醍醐寺|京都最古の五重塔と秀吉が造った庭園(西国#11・京都)

こんにちは、おぐえもん(@oguemon_com)です。

西国三十三所巡礼記、11 回目は第十一番札所の醍醐寺京都府)です!

醍醐寺とは?

醍醐寺総門

醍醐寺(だいごじ)は、京都府京都市伏見区にある寺院です。清水寺や金閣寺などとともに「古都京都の文化財」として世界遺産に登録されています。豊臣秀吉が死の直前に催した一世一代の大宴会「醍醐の花見」の舞台として有名です。

醍醐寺は、醍醐山の麓にある「下醍醐」と、山頂付近にある「上醍醐」の 2 つに分かれています。

醍醐寺の中でも、上醍醐の准胝堂が西国三十三所の第十一番札所です。しかし、准胝堂は 2008 年の火災で焼失してしまったため、現在は暫定的に下醍醐の奥にある「観音堂」にて御朱印をいただくことができます。

Google Map を東に辿ると、醍醐寺のピンからかなり離れた所に「上醍醐」のピンがあります。上醍醐と下醍醐は、徒歩で 1 時間ほどかかる険しい山道で隔たっていて、准胝堂の焼失までは西国三十三所巡礼最難関の札所でした。

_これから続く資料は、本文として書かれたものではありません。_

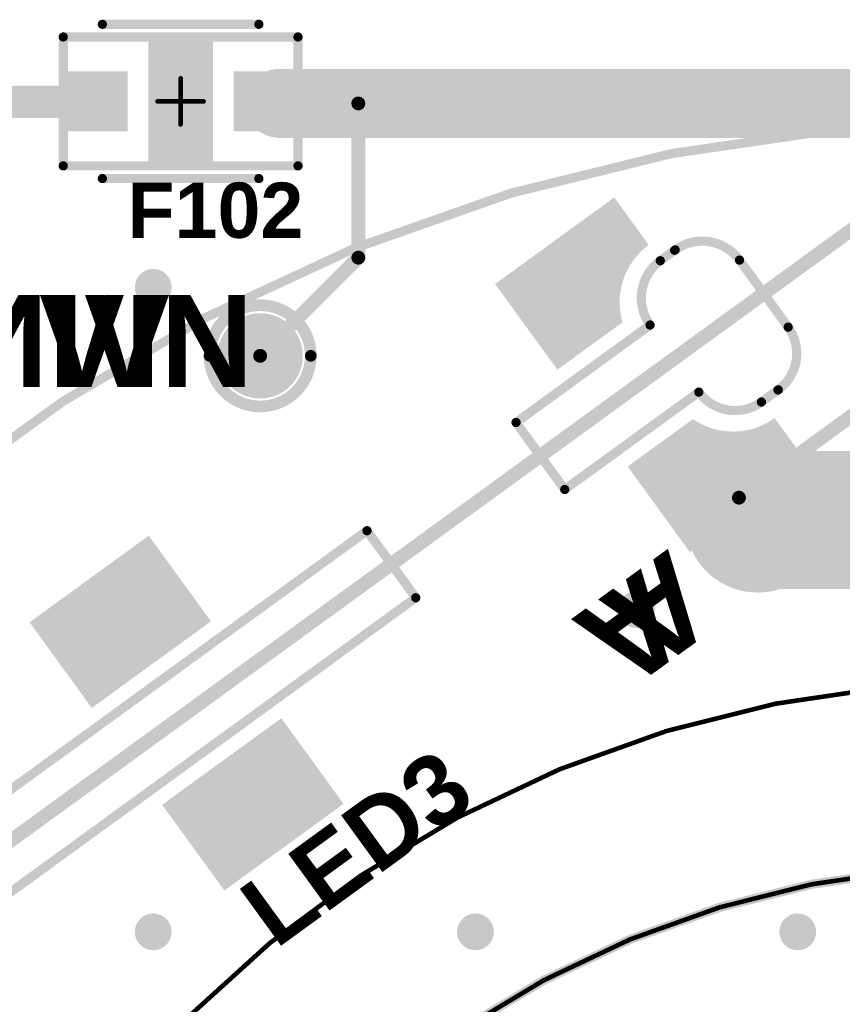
# Model space of a CAD drawing. Header units: inches. Extents: x -60 to 68, y -60 to 60.
# Tile 42 of 78: x -21 to -3, y 18 to 39. Entities that reach past the tile are written whole.
import ezdxf

# ---------------------------------------------------------------- set-up
doc = ezdxf.new("R2010")
doc.units = ezdxf.units.IN
for name, color, linetype in [('Bottom Copper', 5, 'Continuous'), ('Bottom Mask', 6, 'Continuous'), ('Bottom Overlay', 54, 'Continuous'), ('GUIDELINES', 56, 'Continuous'), ('Keep-Out Layer', 6, 'Continuous'), ('Mechanical 1', 6, 'Continuous'), ('Mechanical 2', 216, 'Continuous'), ('Multi-Layer', 9, 'Continuous'), ('Pad Holes', 156, 'Continuous'), ('PENTA', 56, 'Continuous'), ('Top Assembly', 56, 'Continuous'), ('Top Component Center', 56, 'Continuous'), ('Top Copper', 1, 'Continuous'), ('Top Mask', 216, 'Continuous'), ('Top Overlay', 2, 'Continuous'), ('Top Paste', 8, 'Continuous'), ('Via Holes', 16, 'Continuous')]:
    doc.layers.add(name, color=color, linetype=linetype)
doc.styles.add('Arial_Bold', font='txt', dxfattribs={"height": 0.2})

# ---------------------------------------------------------------- blocks, each defined once
blk = doc.blocks.new('LED_PR_113_S_____5')
at = {"layer": 'Bottom Copper'}
h = blk.add_hatch(color=5, dxfattribs=at)
edge = h.paths.add_edge_path()
edge.add_arc((0, 0), 1.4732, 0, 360)
at = {"layer": 'Bottom Mask'}
h = blk.add_hatch(color=6, dxfattribs=at)
edge = h.paths.add_edge_path()
edge.add_arc((0, 0), 1.5748, 0, 360)
at = {"layer": 'Multi-Layer'}
h = blk.add_hatch(color=9, dxfattribs=at)
edge = h.paths.add_edge_path()
edge.add_arc((0, 0), 1.4732, 0, 360)
at = {"layer": 'Pad Holes'}
h = blk.add_hatch(color=7, dxfattribs=at)
edge = h.paths.add_edge_path()
edge.add_arc((0, 0), 0.5999987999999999, 0, 360)
at = {"layer": 'Top Copper'}
h = blk.add_hatch(color=1, dxfattribs=at)
edge = h.paths.add_edge_path()
edge.add_arc((0, 0), 1.4732, 0, 360)
h = blk.add_hatch(color=1, dxfattribs=at)
edge = h.paths.add_edge_path()
edge.add_line((1.600006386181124, -2.599991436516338), (-0.1514730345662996, -2.599999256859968))
edge.add_arc((-1.599991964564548, -3.112119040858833), 1.536383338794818, 19.47090437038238, 90.00046174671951)
edge.add_line((-1.600004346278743, -1.575735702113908), (-1.600001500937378, -0.3000001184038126))
edge.add_line((-1.600001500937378, -0.3000001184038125), (1.60000523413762, -0.2999951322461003))
edge.add_line((1.60000523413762, -0.2999951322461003), (1.600006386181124, -2.599991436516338))
for points in [[(10.89998328, -2.59997448), (14.09998196, -2.59997448), (14.09998196, -0.29997908), (10.89998328, -0.29997908)], [(10.89998328, -7.49997738), (14.09998196, -7.49997738), (14.09998196, -5.19998198), (10.89998328, -5.19998198)]]:
    blk.add_hatch(color=1, dxfattribs=at).paths.add_polyline_path(points)
h = blk.add_hatch(color=1, dxfattribs=at)
edge = h.paths.add_edge_path()
edge.add_line((1.600009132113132, -5.200000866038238), (-0.1514719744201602, -5.199998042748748))
edge.add_arc((-1.599991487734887, -4.687873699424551), 1.536385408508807, 269.9995378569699, 340.5289425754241, ccw=False)
edge.add_line((-1.600003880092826, -6.22425910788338), (-1.600001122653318, -7.499995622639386))
edge.add_line((-1.600001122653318, -7.499995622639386), (1.600003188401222, -7.499998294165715))
edge.add_line((1.600003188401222, -7.499998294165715), (1.600009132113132, -5.200000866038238))
at = {"layer": 'Top Mask'}
h = blk.add_hatch(color=216, dxfattribs=at)
edge = h.paths.add_edge_path()
edge.add_arc((0, 0), 1.5748, 0, 360)
h = blk.add_hatch(color=216, dxfattribs=at)
edge = h.paths.add_edge_path()
edge.add_line((1.600006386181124, -2.599991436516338), (-0.1514730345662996, -2.599999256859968))
edge.add_arc((-1.599991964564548, -3.112119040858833), 1.536383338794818, 19.47090437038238, 90.00046174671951)
edge.add_line((-1.600004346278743, -1.575735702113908), (-1.600001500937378, -0.3000001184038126))
edge.add_line((-1.600001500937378, -0.3000001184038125), (1.60000523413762, -0.2999951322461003))
edge.add_line((1.60000523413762, -0.2999951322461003), (1.600006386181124, -2.599991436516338))
for points in [[(10.89998328, -2.59997448), (14.09998196, -2.59997448), (14.09998196, -0.29997908), (10.89998328, -0.29997908)], [(10.89998328, -7.49997738), (14.09998196, -7.49997738), (14.09998196, -5.19998198), (10.89998328, -5.19998198)]]:
    blk.add_hatch(color=216, dxfattribs=at).paths.add_polyline_path(points)
h = blk.add_hatch(color=216, dxfattribs=at)
edge = h.paths.add_edge_path()
edge.add_line((1.600009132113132, -5.200000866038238), (-0.1514719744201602, -5.199998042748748))
edge.add_arc((-1.599991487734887, -4.687873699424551), 1.536385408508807, 269.9995378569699, 340.5289425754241, ccw=False)
edge.add_line((-1.600003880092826, -6.22425910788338), (-1.600001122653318, -7.499995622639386))
edge.add_line((-1.600001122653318, -7.499995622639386), (1.600003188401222, -7.499998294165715))
edge.add_line((1.600003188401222, -7.499998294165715), (1.600009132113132, -5.200000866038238))
at = {"layer": 'Keep-Out Layer'}
for points in [[(-3.00000162, -3.00051216, 0.1999996, 0.1999996, -0.4142135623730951), (-2.02543156, -2.0259421, 0.1999996, 0.1999996, 0)], [(-1.57388306, -2.0259421, 0.1999996, 0.1999996, 0), (-2.01812144, -2.0259421, 0.1999996, 0.1999996, 0)], [(-1.57388306, -2.0259421, 0.1999996, 0.1999996, -0.4142135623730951), (-0.5998260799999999, -2.99999908, 0.1999996, 0.1999996, 0)], [(-2.99999908, -4.79999802, 0.1999996, 0.1999996, 0), (-2.99999908, -3.00050962, 0.1999996, 0.1999996, 0)], [(-0.5998260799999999, -2.99999908, 0.1999996, 0.1999996, -0.198912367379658), (-0.5998286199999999, -2.99999908, 0.1999996, 0.1999996, 0)], [(-0.5998235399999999, -3.00000162, 0.1999996, 0.1999996, 0), (-0.5998260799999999, -2.99999654, 0.1999996, 0.1999996, 0)], [(-0.5998209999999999, -2.999994, 0.1999996, 0.1999996, -0.6681786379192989), (-0.5998235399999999, -2.99999908, 0.1999996, 0.1999996, 0)], [(2.99999908, -2.999994, 0.1999996, 0.1999996, 0), (-0.5998209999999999, -2.99999654, 0.1999996, 0.1999996, 0)], [(3.00000162, -4.79999802, 0.1999996, 0.1999996, 0), (2.99999908, -2.999994, 0.1999996, 0.1999996, 0)], [(6.9999987, -4.79999802, 0.1999996, 0.1999996, 0), (7.00000124, -2.99999654, 0.1999996, 0.1999996, 0)], [(17.99999956, -2.99999654, 0.1999996, 0.1999996, 0), (7.00000124, -2.99999654, 0.1999996, 0.1999996, 0)], [(-1.99999854, -5.79999856, 0.1999996, 0.1999996, -0.4142135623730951), (-2.99999908, -4.79999802, 0.1999996, 0.1999996, 0)], [(-0.5999987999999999, -4.79999548, 0.1999996, 0.1999996, -0.4142135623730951), (-1.59999934, -5.79999602, 0.1999996, 0.1999996, 0)], [(3.00000162, -4.79999802, 0.1999996, 0.1999996, 0), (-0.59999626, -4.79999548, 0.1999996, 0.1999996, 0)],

私が参拝した 2018 年 12 月は、近畿地方で猛威を奮った台風 21 号による被害の影響で上醍醐への入山が禁止されていました。そのため、本記事には下醍醐の情報しかありません…

醍醐寺のここがすごい!

豊臣秀吉が死の直前に造った庭園

醍醐寺三宝院庭園

三宝院にある庭園「三宝院庭園」は、1598 年に最晩年の豊臣秀吉が作ったもので、秀吉自ら縄張り(基本設計)をしたと言われています。豊臣秀吉は、同年 3 月に醍醐寺で大宴会「醍醐の花見」を開き、その 5 ヶ月後にこの世を去ります。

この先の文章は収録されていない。